Mysterious load increase, BIND 8.2.2,p5

cschen at cc.nctu.edu.tw cschen at cc.nctu.edu.tw
Sat Apr 22 01:32:08 UTC 2000


| Date: Fri, 21 Apr 2000 20:32:39 +0100
| From: Jim Reid <jim at rfc1035.com>
| 
| >>>>> "Joe" == cschen  <cschen at cc.nctu.edu.tw> writes:
| 
|     Joe> We'd checked. Both the query forwarding server and ours run
|     Joe> BIND 8.x.  - I suppose that the servers have Negative Caching
|     Joe> built-in.
| 
| Why have you configued the server to forward queries? Why not let it
| run as a proper name server and make queries to other servers for
| itself? I suspect that if you set up the name server to ONLY forward,
| it will ALWAYS forward any queries it gets. If you configure your name
| servers to do stupid things, it's only reasonable to expect they'll
| produce stupid results. Setting up forwarding name servers is almost
| always stupid IMHO. 99% of the time there is NO GOOD REASON for
| forwarding.

We'd suffered from the network bandwidth problem severely.
Henece, we'd enabled the select forwarding feature and use the default,
which is "forwarder first" according to the document html page.

In the last example listed, the PTR queries was a normal direct query
, not manually forwarding directive.
- It is phrased as "forw ..." in the BIND dumped log.
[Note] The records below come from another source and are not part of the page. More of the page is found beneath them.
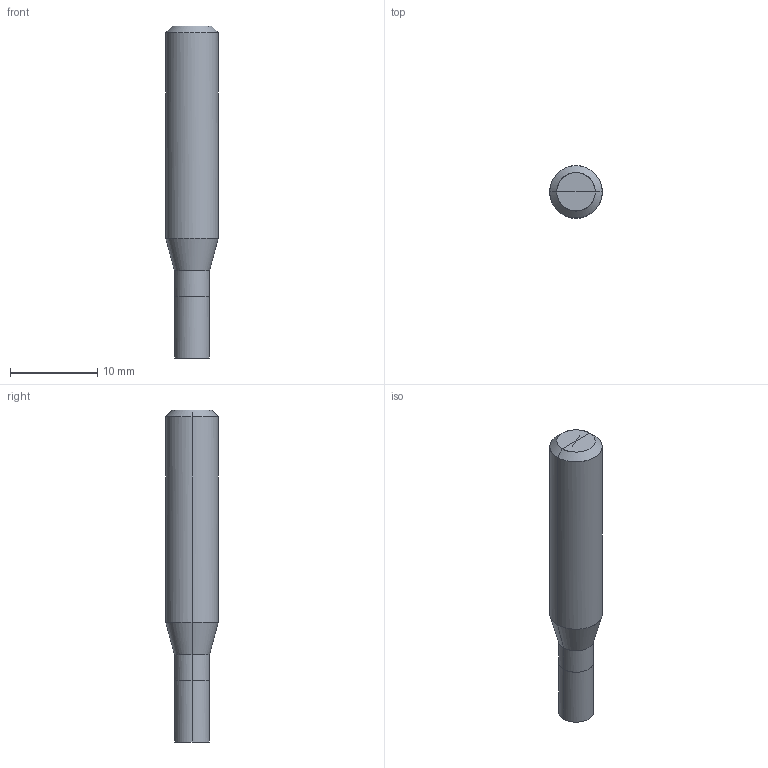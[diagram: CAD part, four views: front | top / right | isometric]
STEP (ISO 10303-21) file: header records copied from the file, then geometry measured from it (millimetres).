
FILE_DESCRIPTION(/* description */ (''),/* implementation_level */ '2;1');
FILE_NAME(/*name*/ '3152-4.0C',/*time_stamp*/'2021-6-18T10:59:58',/*author*/ ('ISBE GmbH'),/*organization*/ ('ISBE GmbH'),/*preprocessor_version*/ 'STEP IO v1.0',/*originating_system*/ '',/*authorisation*/ '');
FILE_SCHEMA (('AUTOMOTIVE_DESIGN'));
Length unit declared in the file: millimetre
Products named in the file (1): Document
Bounding box: 6 x 6 x 38 mm (x, y, z)
Surface area: 701.1 mm2 (no closed solid volume)
Topology: 0 solids, 18 shells, 18 faces, 75 edges, 70 vertices
Faces by surface type: bspline 18
Entity records: 800 total; most frequent: CARTESIAN_POINT 471, VERTEX_POINT 64, EDGE_CURVE 64, ORIENTED_EDGE 64, EDGE_LOOP 18, FACE_OUTER_BOUND 18, ADVANCED_FACE 18, DIRECTION 16
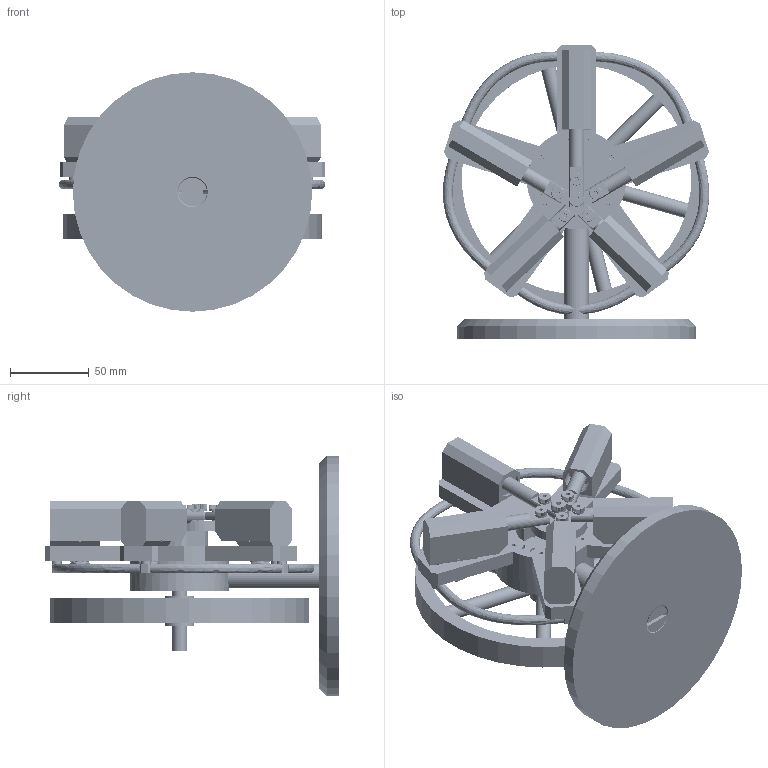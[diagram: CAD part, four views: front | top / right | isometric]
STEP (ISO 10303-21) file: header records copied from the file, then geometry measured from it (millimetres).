
FILE_DESCRIPTION(/* description */ ('MATERIAL: ALUMINUM'),/* implementation_level */ '2;1');
FILE_NAME(/* name */ 'C:\Users\Rob\Desktop\Steam Engine Stuff\Robs Wobbler Radial\Assy - Engine.stp',/* time_stamp */ '2017-05-13T00:36:36-04:00',/* author */ ('Rob'),/* organization */ (''),/* preprocessor_version */ 'ST-DEVELOPER v15.6',/* originating_system */ 'Autodesk Inventor 2015',/* authorisation */ '');
FILE_SCHEMA (('AUTOMOTIVE_DESIGN { 1 0 10303 214 3 1 1 }'));
Length unit declared in the file: inch
Products named in the file (30): Hub; Arm, Frame; 0808FSHS; 60355K504_BALL BEARING; Post; Base Plate; CLIPPARD TT0-404; Tubing; 3812FHS; Assy - Frame; Cylinder; Shaft, Cylinder Wobble; Dowel Pin - .062 x .50; Assy - Cylinder; Piston; Con Rod, Master; Assy - Piston - Master; Crank; Crank Shaft; Assy - Crank; Crank Plate; 3_16 x 1_4 lg SHOULDER SCREW; Assy - Crank Plate; Con Rod; Assy - Piston; 9714K270_WAVE DISC SPRING; 2500NHS; Flywheel; 1_4 x 1_2 lg SHOULDER SCREW; Assy - Engine
Assembly tree (71 placements, depth 3):
  Assy - Engine
    Assy - Frame
      Hub
      Arm, Frame  x5
      0808FSHS  x10
      60355K504_BALL BEARING  x2
      Post
      Base Plate
      CLIPPARD TT0-404  x5
      Tubing  x5
      3812FHS
    Assy - Cylinder  x5
      Cylinder
      Shaft, Cylinder Wobble
      Dowel Pin - .062 x .50
    Assy - Piston - Master
      Piston
      Con Rod, Master
    Assy - Crank
      Crank
      Crank Shaft
    Assy - Crank Plate
      Crank Plate
      3_16 x 1_4 lg SHOULDER SCREW  x5
    Assy - Piston  x4
      Piston
      Con Rod
    9714K270_WAVE DISC SPRING  x5
    2500NHS  x5
    Flywheel
    1_4 x 1_2 lg SHOULDER SCREW
Bounding box: 169.57 x 187.32 x 152.4 mm (x, y, z)
Volume: 636679.8 mm3; surface area: 226564.4 mm2
Topology: 108 solids, 108 shells, 3530 faces, 7785 edges, 4467 vertices
Faces by surface type: plane 2246, cylinder 805, cone 337, bspline 82, torus 40, sphere 20
Full cylindrical faces by diameter (mm): 1.524 x5, 1.587 x15, 2.381 x15, 2.778 x5, 2.779 x10, 3.134 x25, 3.175 x10, 3.302 x15, 3.353 x10, 3.683 x1, 3.81 x10, 3.912 x5, 3.962 x20, 4.039 x5, 4.47 x10, 4.496 x10, 4.762 x15, 4.978 x5, 5.351 x1, 6.325 x5, 6.35 x23, 6.375 x5, 7.798 x2, 7.874 x1, 7.938 x5, 9.119 x10, 9.5 x6, 9.525 x10, 9.55 x1, 9.652 x6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
Entity records: 35914 total; most frequent: CARTESIAN_POINT 11295, DIRECTION 5377, ORIENTED_EDGE 4470, EDGE_CURVE 2235, AXIS2_PLACEMENT_3D 2076, VERTEX_POINT 1357, EDGE_LOOP 1340, LINE 1225

I am not sure
  if it is the proper one in BIND/named term.

If DNS forwarding is stupid thing in 995 of the time, I suppose there
should be a WARNING page to discourage the usage on the formal document.
Or, there should be some guideline page describing when it is 
appropriate to enable forwarding (e.g. under what condistion, ...)

|     Joe> After we contact the dept.'s administrators, they found that
|     Joe> some lab exercise concerning some SAMBA applications were
|     Joe> doing the errorenous query....
| 
|     Joe> So, it is very simple for a lab exercise to overwhelm some
|     Joe> DNS servers on the campus. This is absolutely NOT a good
|     Joe> news.
| 
| True, but this should not come as a surprise. If you overload any
| service with an artificially high query rate, it will break in some
| way. Why didn't this department arrange their own name server(s) for
| this exercise and have the students in the lab beat up on them rather
| than the University's important one? I presume you wouldn't let some
| lab exercise stress the university's operational mail or web servers,
| so why let one overload your name servers? I would have thought that
| it was obvious to arrange for a experimental/test environment to be
| completely isolated from the organisation's operational or production
| environment.

I don't think the above to be a reasonale assumption.

Because:
1) People trust our DNS server service on campus.

2) We usually trust normal users on the campus.

3) Students are supposed to learn and develop their networking
   skill on the campus network. 

   Few are DNS experts before they do some field study and trials. They 
   usually don't mean to overwhelm the DNS services on most situations.

4) Almost all Internet applcations use DNS today. And by the distributed
   nature of the DNS framework, I don't think it is easy to let people
   know, they should not use some DNS server for their exercises.
   - You don't have to ask people to register their usages of your DNS
     services, do you ?

5) Not all teachers and school administators of the departments
   got every details of these. Especially, TAs are usually doing
   the directory jobs in the lab exercise courses.

 Every school years there are new comers. I don't suppose they are 
 qualified for all these details under most consquences.